Danke ich versuche die ganze Zeit herauszufinden ob man eine Erlaubnis braucht, hab da teilweise gelesen das man ohne Schein vom Land angeln darf mit einer Rute und Schonhaken... 
Aber bin mal gespannt ob da was geht. Hört sich jedenfalls sehr gut an


----------



## Ma°d River (16. Januar 2016)

*AW: Brienzersee in der Schweiz*

An Deiner Stelle würde ich Angelgeschäfte in der Nähe raus-
suchen und die vorab kontaktieren.
Da bekommst Du sicher einige gute Infos.

Freiangelrecht Schweiz:

http://www.angeltreff.org/gesetze/schweiz_gesetz.html

Gruss


----------



## Slyte (16. Januar 2016)

*AW: Brienzersee in der Schweiz*

Ok danke


----------



## Askersund61 (19. Januar 2016)

*AW: Brienzersee in der Schweiz*

Hallo Slyte

Beiliegend zwei Links, welche dir einige Fragen beantworten können. 
Der Brienzersee ist ein wunderschön gelegener See, in dem du bestimmt auf deine Rechnung kommen wirst. 
Leider ist auch dieser See vom generellen Fischrückgang betroffen, dafür ist die Wasserqualität hervorragend.

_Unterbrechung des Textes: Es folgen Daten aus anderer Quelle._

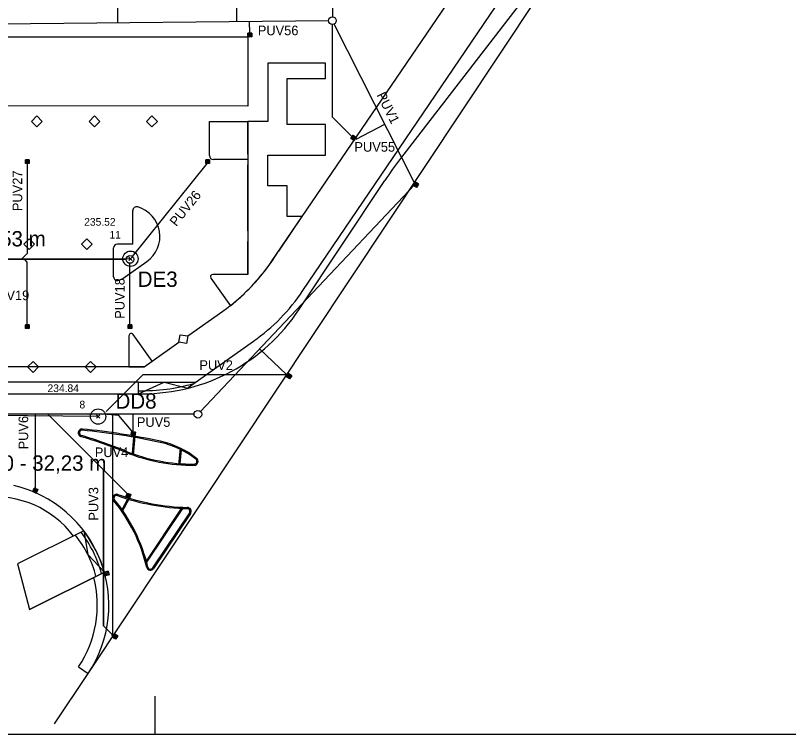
# Model space of a CAD drawing. Extents: x -264234 to -263604, y -1242346 to -1242049.
# Drawn here: x -263832.4 to -263731.6, y -1242345.9 to -1242252.2 of the extents above; entities that cross this region are included whole.
import ezdxf

# ---------------------------------------------------------------- set-up
doc = ezdxf.new("R2010")
doc.units = 0
for name, color, linetype in [('KFA_BODY_CISLO', 7, 'Continuous'), ('KFA_BODY_SYMBOL', 7, 'Continuous'), ('KFA_BODY_VYSKA', 7, 'Continuous'), ('KFA_DAZDOVA_KANALIZACIA_vetva_D', 7, 'Continuous'), ('KFA_DAZDOVA_KANALIZACIA_vetva_D_popis', 7, 'Continuous'), ('KFA_DAZDOVA_KANALIZACIA_vetva_E', 7, 'Continuous'), ('KFA_DAZDOVA_KANALIZACIA_vetva_E_popis', 7, 'Continuous'), ('KFA_JESTV_IS_DSP_-_KANAL_DAZD', 7, 'Continuous'), ('KFA_SITUACIA_DSP', 7, 'Continuous'), ('KFA_SO_40-2-II_DK_PRIPOJKY_UV_PROJEKT', 7, 'Continuous'), ('KFA_SO_40-2-II_DK_PRIPOJKY_UV_PROJEKT_popis', 7, 'Continuous'), ('KFA_SO_40-2-II_DK_UV_PROJEKT', 7, 'Continuous'), ('RAM_NA_TLAC_1-500', 7, 'Continuous')]:
    doc.layers.add(name, color=color, linetype=linetype)

msp = doc.modelspace()

# ---------------------------------------------------------------- linework, layer by layer
at = {"layer": 'KFA_BODY_SYMBOL'}
for p, q in [((-263817.59, -1242284.1), (-263817.15, -1242283.66)), ((-263817.15, -1242284.1), (-263817.59, -1242283.66)), ((-263821.81, -1242304.68), (-263821.37, -1242304.23)), ((-263821.37, -1242304.68), (-263821.81, -1242304.23))]:
    msp.add_line(p, q, dxfattribs=at)
at = {"layer": 'KFA_DAZDOVA_KANALIZACIA_vetva_D'}
msp.add_lwpolyline([(-263821.59, -1242304.45), (-263853.82, -1242304.12), (-263903.79, -1242304.32), (-263951.83, -1242303.9), (-264004.17, -1242304.05), (-264044.82, -1242304.22), (-264095.21, -1242304.15), (-264105.62, -1242304.17)], dxfattribs=at)
msp.add_circle((-263821.59, -1242304.45), 1, dxfattribs=at)
at = {"layer": 'KFA_DAZDOVA_KANALIZACIA_vetva_E'}
msp.add_lwpolyline([(-263817.37, -1242283.88), (-263870.9, -1242283.96), (-263904.01, -1242284.08)], dxfattribs=at)
msp.add_circle((-263817.37, -1242283.88), 1, dxfattribs=at)
at = {"layer": 'KFA_JESTV_IS_DSP_-_KANAL_DAZD'}
for p, q in [((-263790.32, -1242212.53), (-263791.05, -1242252.36)), ((-263791.56, -1242252.87), (-263840.16, -1242253.36))]:
    msp.add_line(p, q, dxfattribs=at)
msp.add_circle((-263791.06, -1242252.86), 0.5, dxfattribs=at)
at = {"layer": 'KFA_SITUACIA_DSP'}
for p, q in [((-263822.88, -1242337.91), (-263735.3, -1242206.15)), ((-263794.9, -1242288.03), (-263742.74, -1242211.14)), ((-263798.9, -1242284.13), (-263751.86, -1242215.08)), ((-263752.52, -1242232.37), (-263782.17, -1242270.82)), ((-263803.56, -1242238.31), (-263803.56, -1242252.99)), ((-263819.07, -1242241.13), (-263819.07, -1242253.15)), ((-263801.82, -1242254.5), (-263801.84, -1242252.97)), ((-263791.06, -1242265.43), (-263791.06, -1242253.36)), ((-263802.07, -1242254.7), (-263801.57, -1242254.7)), ((-263802.07, -1242254.99), (-263802.07, -1242254.7)), ((-263802.07, -1242254.7), (-263801.57, -1242254.99)), ((-263802.07, -1242254.7), (-263801.57, -1242254.99)), ((-263801.57, -1242254.7), (-263802.07, -1242254.7)), ((-263801.57, -1242254.99), (-263802.07, -1242254.99)), ((-263801.57, -1242254.7), (-263801.57, -1242254.99)), ((-263801.57, -1242254.99), (-263801.57, -1242254.7)), ((-263807.07, -1242270.45), (-263807.07, -1242265.99)), ((-263807.07, -1242265.99), (-263802.07, -1242265.99)), ((-263802.07, -1242270.24), (-263802.07, -1242265.99)), ((-263788.5, -1242267.99), (-263791.06, -1242265.43)), ((-263788.49, -1242268.32), (-263788.21, -1242267.91)), ((-263788.21, -1242267.91), (-263788.49, -1242268.32)), ((-263788.49, -1242268.32), (-263787.97, -1242268.07)), ((-263788.49, -1242268.32), (-263787.97, -1242268.07)), ((-263787.97, -1242268.07), (-263788.25, -1242268.49)), ((-263788.21, -1242267.91), (-263787.97, -1242268.07)), ((-263787.97, -1242268.07), (-263788.21, -1242267.91)), ((-263788.25, -1242268.49), (-263788.49, -1242268.32)), ((-263831.07, -1242270.98), (-263830.57, -1242270.98)), ((-263831.07, -1242271.27), (-263831.07, -1242270.98)), ((-263831.07, -1242270.98), (-263830.57, -1242271.27)), ((-263831.07, -1242270.98), (-263830.57, -1242271.27)), ((-263830.57, -1242270.98), (-263831.07, -1242270.98)), ((-263830.57, -1242271.27), (-263831.07, -1242271.27)), ((-263830.57, -1242270.98), (-263830.57, -1242271.27)), ((-263830.57, -1242271.27), (-263830.57, -1242270.98)), ((-263807.57, -1242270.98), (-263807.07, -1242270.98)), ((-263807.57, -1242271.27), (-263807.57, -1242270.98)), ((-263807.57, -1242270.98), (-263807.07, -1242271.27)), ((-263807.57, -1242270.98), (-263807.07, -1242271.27)), ((-263807.07, -1242270.98), (-263807.57, -1242270.98)), ((-263807.07, -1242271.27), (-263807.57, -1242271.27)), ((-263807.07, -1242270.98), (-263807.07, -1242271.27)), ((-263807.07, -1242271.27), (-263807.07, -1242270.98)), ((-263802.07, -1242270.95), (-263806.57, -1242270.95)), ((-263830.82, -1242271.47), (-263830.82, -1242283.19)), ((-263807.38, -1242271.45), (-263817.13, -1242283.59)), ((-263802.07, -1242280.24), (-263802.07, -1242271.65)), ((-263780.35, -1242274.24), (-263808.25, -1242303.78)), ((-263795.42, -1242290.54), (-263784.21, -1242273.68)), ((-263780.34, -1242274.43), (-263780.06, -1242274.01)), ((-263780.06, -1242274.01), (-263780.34, -1242274.43)), ((-263780.34, -1242274.43), (-263779.82, -1242274.17)), ((-263780.34, -1242274.43), (-263779.82, -1242274.17)), ((-263779.82, -1242274.17), (-263780.1, -1242274.59)), ((-263780.06, -1242274.01), (-263779.82, -1242274.17)), ((-263779.82, -1242274.17), (-263780.06, -1242274.01)), ((-263780.1, -1242274.59), (-263780.34, -1242274.43)), ((-263817.07, -1242281.98), (-263817.07, -1242277.62)), ((-263817.07, -1242281.98), (-263819.07, -1242281.98)), ((-263802.07, -1242285.95), (-263802.07, -1242281.65)), ((-263830.82, -1242283.19), (-263831.62, -1242283.98)), ((-263819.57, -1242286.23), (-263819.57, -1242282.48)), ((-263817.94, -1242283.98), (-263870.32, -1242283.98)), ((-263817.94, -1242283.98), (-263870.32, -1242283.98)), ((-263830.82, -1242284.34), (-263831.15, -1242283.98)), ((-263830.82, -1242292.49), (-263830.82, -1242284.34)), ((-263818.06, -1242286.25), (-263815.23, -1242284.25)), ((-263817.44, -1242292.49), (-263817.44, -1242284.48)), ((-263809.9, -1242293.95), (-263805.34, -1242290.73)), ((-263831.07, -1242292.69), (-263830.57, -1242292.69)), ((-263831.07, -1242292.98), (-263831.07, -1242292.69)), ((-263831.07, -1242292.69), (-263830.57, -1242292.98)), ((-263831.07, -1242292.69), (-263830.57, -1242292.98)), ((-263830.57, -1242292.69), (-263831.07, -1242292.69)), ((-263830.57, -1242292.98), (-263831.07, -1242292.98)), ((-263830.82, -1242292.69), (-263830.82, -1242292.69)), ((-263830.57, -1242292.69), (-263830.57, -1242292.98)), ((-263830.57, -1242292.98), (-263830.57, -1242292.69)), ((-263817.69, -1242292.69), (-263817.19, -1242292.69)), ((-263817.69, -1242292.98), (-263817.69, -1242292.69)), ((-263817.69, -1242292.69), (-263817.19, -1242292.98)), ((-263817.69, -1242292.69), (-263817.19, -1242292.98)), ((-263817.19, -1242292.69), (-263817.69, -1242292.69)), ((-263817.19, -1242292.98), (-263817.69, -1242292.98)), ((-263817.19, -1242292.69), (-263817.19, -1242292.98)), ((-263817.19, -1242292.98), (-263817.19, -1242292.69)), ((-263814.55, -1242297.24), (-263811.05, -1242294.76)), ((-263809.87, -1242300.67), (-263801.34, -1242294.63)), ((-263797.05, -1242298.95), (-263800.56, -1242295.64)), ((-263815.6, -1242297.98), (-263917.08, -1242297.98)), ((-263797.03, -1242299.29), (-263796.75, -1242298.87)), ((-263796.75, -1242298.87), (-263797.03, -1242299.29)), ((-263797.03, -1242299.29), (-263796.51, -1242299.03)), ((-263797.03, -1242299.29), (-263796.51, -1242299.03)), ((-263796.79, -1242299.45), (-263797.03, -1242299.29)), ((-263796.51, -1242299.03), (-263796.79, -1242299.45)), ((-263796.75, -1242298.87), (-263796.51, -1242299.03)), ((-263796.51, -1242299.03), (-263796.75, -1242298.87)), ((-263816.31, -1242299.98), (-263918.05, -1242299.98)), ((-263816.31, -1242301.48), (-263816.31, -1242299.98)), ((-263816.31, -1242299.98), (-263808.9, -1242299.98)), ((-263914.08, -1242301.48), (-263815.82, -1242301.48)), ((-263809.91, -1242300.76), (-263809.87, -1242300.67)), ((-263809.09, -1242304.15), (-263853.41, -1242304.15)), ((-263829.75, -1242313.86), (-263829.75, -1242304.15)), ((-263819.67, -1242332.82), (-263819.67, -1242304.15)), ((-263817, -1242306.47), (-263817, -1242304.15)), ((-263817.3, -1242306.91), (-263817.25, -1242306.63)), ((-263817.25, -1242306.63), (-263817.3, -1242306.91)), ((-263816.8, -1242306.99), (-263817.3, -1242306.91)), ((-263817.3, -1242306.91), (-263816.8, -1242306.99)), ((-263817.25, -1242306.63), (-263816.76, -1242306.7)), ((-263816.8, -1242306.99), (-263817.25, -1242306.63)), ((-263816.8, -1242306.99), (-263817.25, -1242306.63)), ((-263816.96, -1242307.13), (-263817.15, -1242309.26)), ((-263816.8, -1242307.01), (-263817.01, -1242309.47)), ((-263816.76, -1242306.7), (-263816.8, -1242306.99)), ((-263810.91, -1242308.55), (-263811.1, -1242310.72)), ((-263810.78, -1242308.78), (-263810.93, -1242310.58)), ((-263817.71, -1242314.57), (-263819.67, -1242312.62)), ((-263830.1, -1242314.22), (-263829.98, -1242313.95)), ((-263829.98, -1242313.95), (-263830.1, -1242314.22)), ((-263829.64, -1242314.42), (-263830.1, -1242314.22)), ((-263830.1, -1242314.22), (-263829.64, -1242314.42)), ((-263829.98, -1242313.95), (-263829.53, -1242314.16)), ((-263829.64, -1242314.42), (-263829.98, -1242313.95)), ((-263829.64, -1242314.42), (-263829.98, -1242313.95)), ((-263829.53, -1242314.16), (-263829.64, -1242314.42)), ((-263818.47, -1242316.58), (-263817.71, -1242315.18)), ((-263818.45, -1242316.87), (-263817.49, -1242315.09)), ((-263817.97, -1242314.94), (-263817.87, -1242314.67)), ((-263817.87, -1242314.67), (-263817.97, -1242314.94)), ((-263817.49, -1242315.1), (-263817.97, -1242314.94)), ((-263817.97, -1242314.94), (-263817.49, -1242315.1)), ((-263817.87, -1242314.67), (-263817.4, -1242314.82)), ((-263817.49, -1242315.1), (-263817.87, -1242314.67)), ((-263817.49, -1242315.1), (-263817.87, -1242314.67)), ((-263817.4, -1242314.82), (-263817.49, -1242315.1)), ((-263810.75, -1242316.41), (-263815.43, -1242323.41)), ((-263810.58, -1242316.41), (-263815.27, -1242323.44)), ((-263809.68, -1242316.98), (-263814.48, -1242324.17)), ((-263809.55, -1242317.06), (-263814.36, -1242324.25)), ((-263823.44, -1242319.35), (-263832.11, -1242323.65)), ((-263813.54, -1242320.69), (-263813.54, -1242320.69)), ((-263813.54, -1242320.69), (-263813.54, -1242320.69)), ((-263832.11, -1242323.65), (-263830.54, -1242329.57)), ((-263820.77, -1242324.72), (-263830.54, -1242329.57)), ((-263819.72, -1242333.19), (-263819.44, -1242332.77)), ((-263819.72, -1242333.19), (-263819.2, -1242332.93)), ((-263819.48, -1242333.35), (-263819.72, -1242333.19)), ((-263819.2, -1242332.93), (-263819.48, -1242333.35)), ((-263819.44, -1242332.77), (-263819.2, -1242332.93)), ((-263824.13, -1242337.08), (-263822.88, -1242337.91)), ((-263827.28, -1242344.5), (-263822.88, -1242337.91))]:
    msp.add_line(p, q, dxfattribs=at)
for points in [[(-263802.07, -1242263.99), (-263834.26, -1242263.98), (-263849.47, -1242254.98), (-263802.07, -1242254.99)], [(-263829.57, -1242265.28), (-263828.86, -1242265.99), (-263829.57, -1242266.69), (-263830.27, -1242265.99)], [(-263822.07, -1242265.28), (-263821.36, -1242265.99), (-263822.07, -1242266.69), (-263822.77, -1242265.99)], [(-263814.57, -1242265.28), (-263813.86, -1242265.99), (-263814.57, -1242266.69), (-263815.27, -1242265.99)], [(-263830.57, -1242281.28), (-263829.86, -1242281.98), (-263830.57, -1242282.69), (-263831.27, -1242281.98)], [(-263823.07, -1242281.28), (-263822.36, -1242281.98), (-263823.07, -1242282.69), (-263823.77, -1242281.98)], [(-263810.88, -1242293.78), (-263809.9, -1242293.95), (-263810.06, -1242294.93), (-263811.05, -1242294.76)], [(-263830.07, -1242297.28), (-263829.36, -1242297.98), (-263830.07, -1242298.69), (-263830.77, -1242297.98)], [(-263822.57, -1242297.28), (-263821.86, -1242297.98), (-263822.57, -1242298.69), (-263823.27, -1242297.98)], [(-263819.72, -1242333.19), (-263819.2, -1242332.93), (-263819.44, -1242332.77)]]:
    msp.add_lwpolyline(points, close=True, dxfattribs=at)
for points in [[(-263798.06, -1242282.88), (-263794.99, -1242278.38), (-263796.97, -1242278.38), (-263796.97, -1242274.38), (-263799.47, -1242274.38), (-263799.47, -1242270.38), (-263791.97, -1242270.38), (-263791.97, -1242266.38), (-263796.97, -1242266.38), (-263796.97, -1242260.38), (-263791.97, -1242260.38), (-263791.97, -1242258.38), (-263799.47, -1242258.38), (-263799.47, -1242265.99), (-263802.07, -1242265.99)], [(-263802.07, -1242265.99), (-263802.07, -1242270.24), (-263802.07, -1242270.95), (-263802.07, -1242271.65), (-263802.07, -1242273.45), (-263802.07, -1242275.95), (-263802.07, -1242278.45), (-263802.07, -1242280.24), (-263802.07, -1242280.24), (-263802.07, -1242281.65), (-263802.07, -1242283.45), (-263802.07, -1242285.95), (-263806.66, -1242285.94)], [(-263806.9, -1242286.42), (-263804.35, -1242290.02), (-263802.55, -1242288.44)], [(-263817.57, -1242293.93), (-263817.57, -1242297.98), (-263815.6, -1242297.98), (-263814.55, -1242297.24), (-263817.02, -1242293.75)], [(-263816.33, -1242301.51), (-263813, -1242299.98), (-263809.91, -1242300.76)], [(-263832.11, -1242323.65), (-263830.54, -1242329.57), (-263820.77, -1242324.72), (-263821.24, -1242323.31), (-263821.84, -1242321.94), (-263822.87, -1242320.15), (-263823.44, -1242319.35), (-263832.11, -1242323.65)], [(-263823.44, -1242319.35), (-263822.93, -1242322.44), (-263820.77, -1242324.72)]]:
    msp.add_lwpolyline(points, dxfattribs=at)
for centre, radius in [((-263801.82, -1242254.6), 0.1), ((-263788.43, -1242268.06), 0.1), ((-263830.82, -1242271.37), 0.1), ((-263807.32, -1242271.37), 0.1), ((-263780.28, -1242274.16), 0.1), ((-263817.44, -1242283.98), 0.5), ((-263830.82, -1242292.59), 0.1), ((-263817.44, -1242292.59), 0.1), ((-263796.98, -1242299.02), 0.1), ((-263808.59, -1242304.15), 0.5), ((-263817, -1242306.57), 0.1), ((-263829.75, -1242313.96), 0.1), ((-263817.64, -1242314.64), 0.1), ((-263819.67, -1242332.92), 0.1)]:
    msp.add_circle(centre, radius, dxfattribs=at)
for centre, radius, start, end in [((-263806.57, -1242270.45), 0.5, 180, 270), ((-263742.57, -1242301.35), 50, 142.3688, 146.3992), ((-263816.57, -1242277.62), 0.5, 73.8446, 180), ((-263817.54, -1242280.98), 4, 305.2702, 73.8446), ((-263819.07, -1242282.48), 0.5, 90, 180), ((-263821.81, -1242268.3), 27.86, 313.7192, 328.4502), ((-263820.07, -1242269.91), 25.5, 305.2702, 326.1165), ((-263819.07, -1242286.23), 0.5, 180, 291.8332), ((-263820.37, -1242282.98), 4, 291.8332, 305.2702), ((-263806.66, -1242286.24), 0.3, 89.9436, 215.2702), ((-263816.07, -1242273.82), 25.5, 305.2702, 326.1165), ((-263815.82, -1242276.98), 24.5, 270, 326.3992), ((-263817.27, -1242293.93), 0.3, 35.2702, 180), ((-263815.84, -1242276.97), 24.12, 268.8787, 286.1798), ((-263823.69, -1242306.57), 0.5, 84.5031, 253.3726), ((-263823.69, -1242306.57), 0.35, 84.5031, 253.3726), ((-263832, -1242392.97), 87.14, 77.7452, 84.5031), ((-263832, -1242392.97), 87.29, 77.7452, 84.5031), ((-263842.68, -1242370.17), 65.87, 68.0197, 73.3726), ((-263842.68, -1242370.17), 66.02, 68.0197, 73.3726), ((-263815.91, -1242318.9), 11.35, 51.4912, 77.7452), ((-263815.91, -1242318.9), 11.5, 51.4912, 77.7452), ((-263809.23, -1242287.3), 23.5, 248.0197, 270.4085), ((-263809.23, -1242287.3), 23.35, 248.0197, 270.4085), ((-263809.06, -1242310.29), 0.5, 270.4085, 51.4912), ((-263809.06, -1242310.29), 0.35, 270.4085, 51.4912), ((-263836.18, -1242329.03), 16, 326.2529, 76.9695), ((-263819.18, -1242315.07), 0.5, 70.2828, 219.3857), ((-263809.23, -1242287.3), 29, 250.2828, 268.5641), ((-263835.04, -1242327.71), 12.8, 36.9205, 96.0874), ((-263836.18, -1242329.03), 21.5, 13.267, 39.3857), ((-263819.18, -1242315.07), 0.35, 70.2828, 219.3857), ((-263836.18, -1242329.03), 21.65, 13.267, 39.3857), ((-263809.23, -1242287.3), 29.15, 250.2828, 268.5641), ((-263809.97, -1242316.79), 0.35, 326.2529, 88.5641), ((-263809.97, -1242316.79), 0.5, 326.2529, 88.5641), ((-263836.18, -1242329.03), 15.6, 15.3332, 37.5082), ((-263836.18, -1242329.03), 14.8, 14.7256, 38.1157), ((-263836.18, -1242329.03), 21.65, 13.267, 14.9596), ((-263814.77, -1242323.98), 0.5, 193.267, 326.2529), ((-263814.77, -1242323.98), 0.35, 193.267, 326.2529), ((-263836.23, -1242329.02), 14.54, 326.3344, 14.4166)]:
    msp.add_arc(centre, radius, start, end, dxfattribs=at)
at = {"layer": 'KFA_SO_40-2-II_DK_PRIPOJKY_UV_PROJEKT'}
for p, q in [((-263828.13, -1242304.15), (-263820.88, -1242311.4)), ((-263820.89, -1242311.39), (-263820.89, -1242331.7)), ((-263820.88, -1242311.4), (-263817.71, -1242314.57)), ((-263820.89, -1242331.7), (-263819.74, -1242332.85))]:
    msp.add_line(p, q, dxfattribs=at)
for points in [[(-263801.82, -1242254.5), (-263801.84, -1242252.97)], [(-263780.33, -1242274.07), (-263790.84, -1242253.31)], [(-263787.94, -1242268.29), (-263784.23, -1242266.36)], [(-263830.82, -1242271.47), (-263830.82, -1242283.19), (-263831.62, -1242283.98)], [(-263807.38, -1242271.45), (-263817.13, -1242283.59)], [(-263830.82, -1242292.49), (-263830.82, -1242284.34), (-263831.15, -1242283.98)], [(-263817.44, -1242292.49), (-263817.44, -1242284.48)], [(-263797.08, -1242299.02), (-263815.76, -1242299.02), (-263820.54, -1242303.79)], [(-263829.75, -1242313.86), (-263829.75, -1242304.15)], [(-263828.13, -1242304.15), (-263820.88, -1242311.4), (-263817.71, -1242314.57)], [(-263817.06, -1242306.48), (-263818.89, -1242304.32), (-263820.39, -1242304.19)], [(-263819.74, -1242332.85), (-263820.89, -1242331.7), (-263820.89, -1242311.39)]]:
    msp.add_lwpolyline(points, dxfattribs=at)
at = {"layer": 'KFA_SO_40-2-II_DK_UV_PROJEKT'}
for points in [[(-263802.07, -1242254.99), (-263802.07, -1242254.49), (-263801.57, -1242254.49), (-263801.57, -1242254.99), (-263802.07, -1242254.99), (-263801.57, -1242254.49), (-263802.07, -1242254.49), (-263801.57, -1242254.99)], [(-263788.25, -1242268.49), (-263788.66, -1242268.2), (-263788.37, -1242267.79), (-263787.96, -1242268.08), (-263788.25, -1242268.49), (-263788.37, -1242267.79), (-263788.66, -1242268.2), (-263787.96, -1242268.08)], [(-263831.07, -1242271.48), (-263831.07, -1242270.98), (-263830.57, -1242270.98), (-263830.57, -1242271.48), (-263831.07, -1242271.48), (-263830.57, -1242270.98), (-263831.07, -1242270.98), (-263830.57, -1242271.48)], [(-263807.57, -1242271.48), (-263807.57, -1242270.98), (-263807.07, -1242270.98), (-263807.07, -1242271.48), (-263807.57, -1242271.48), (-263807.07, -1242270.98), (-263807.57, -1242270.98), (-263807.07, -1242271.48)], [(-263780.55, -1242274.29), (-263780.27, -1242273.87), (-263779.85, -1242274.15), (-263780.13, -1242274.57), (-263780.55, -1242274.29), (-263779.85, -1242274.15), (-263780.27, -1242273.87), (-263780.13, -1242274.57)], [(-263831.07, -1242292.98), (-263831.07, -1242292.48), (-263830.57, -1242292.48), (-263830.57, -1242292.98), (-263831.07, -1242292.98), (-263830.57, -1242292.48), (-263831.07, -1242292.48), (-263830.57, -1242292.98)], [(-263817.69, -1242292.98), (-263817.69, -1242292.48), (-263817.19, -1242292.48), (-263817.19, -1242292.98), (-263817.69, -1242292.98), (-263817.19, -1242292.48), (-263817.69, -1242292.48), (-263817.19, -1242292.98)], [(-263797.05, -1242299.27), (-263796.77, -1242298.86), (-263796.35, -1242299.13), (-263796.63, -1242299.55), (-263797.05, -1242299.27), (-263796.35, -1242299.13), (-263796.77, -1242298.86), (-263796.63, -1242299.55)], [(-263817.3, -1242306.91), (-263817.22, -1242306.42), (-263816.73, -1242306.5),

http://www.tierwelt.ch/?rub=4498&id=39025
http://www.vol.be.ch/vol/de/index/natur/fischerei/angelfischerei/pachtgewaesser/brienzersee.html

Gruss Christoph


----------



## slidedust (19. Januar 2016)

*AW: Brienzersee in der Schweiz*

Der Brienzersee gehört zum Kanton Bern und ist an deren Vorschriften gebunden. Das Freiangelrecht beschränkt sich aufs Ufer, eine Angel mit feststehendem Zapfen und Schonhaken.
 Anders wirst Du gar nicht angeln können, da Dir der dazu nötige Sachkundenachweis fehlt und ohne diesen kannst Du auch keine Tagespatente lösen. Ich empfehle Dir deshalb das Angeln vom Ufer in Iseltwald. Ist eine kleine Halbinsel mit einem schönen Dörfchen drauf#h
 grüsse ausm Schweizer Ländle


----------



## Laichzeit (19. Januar 2016)

*AW: Brienzersee in der Schweiz*

Der deutsche Fischereischein wird meines Wissens in der Schweiz als Sachkundenachweis anerkannt. Ob das in jedem Kanton oder uneingeschränkt gilt, weiß  ich nicht.


----------



## heikki111 (19. Januar 2016)

slidedust schrieb:


> Anders wirst Du gar nicht angeln können, da Dir der dazu nötige Sachkundenachweis fehlt und ohne diesen kannst Du auch keine Tagespatente lösen.



Falsch. Tages- und Wochenpatente lassen sich auch ohne Sachkundeausweis lösen. Nur Monats- und Jahrespatente benötigen einen Sachkundenachweis...


----------



## heikki111 (19. Januar 2016)

*AW: Brienzersee in der Schweiz*

@ slyte
Das Patent kannst du auch ganz bequem online kaufen
http://www.vol.be.ch/vol/de/index/natur/fischerei/angelfischerei/patente/bezug.html


----------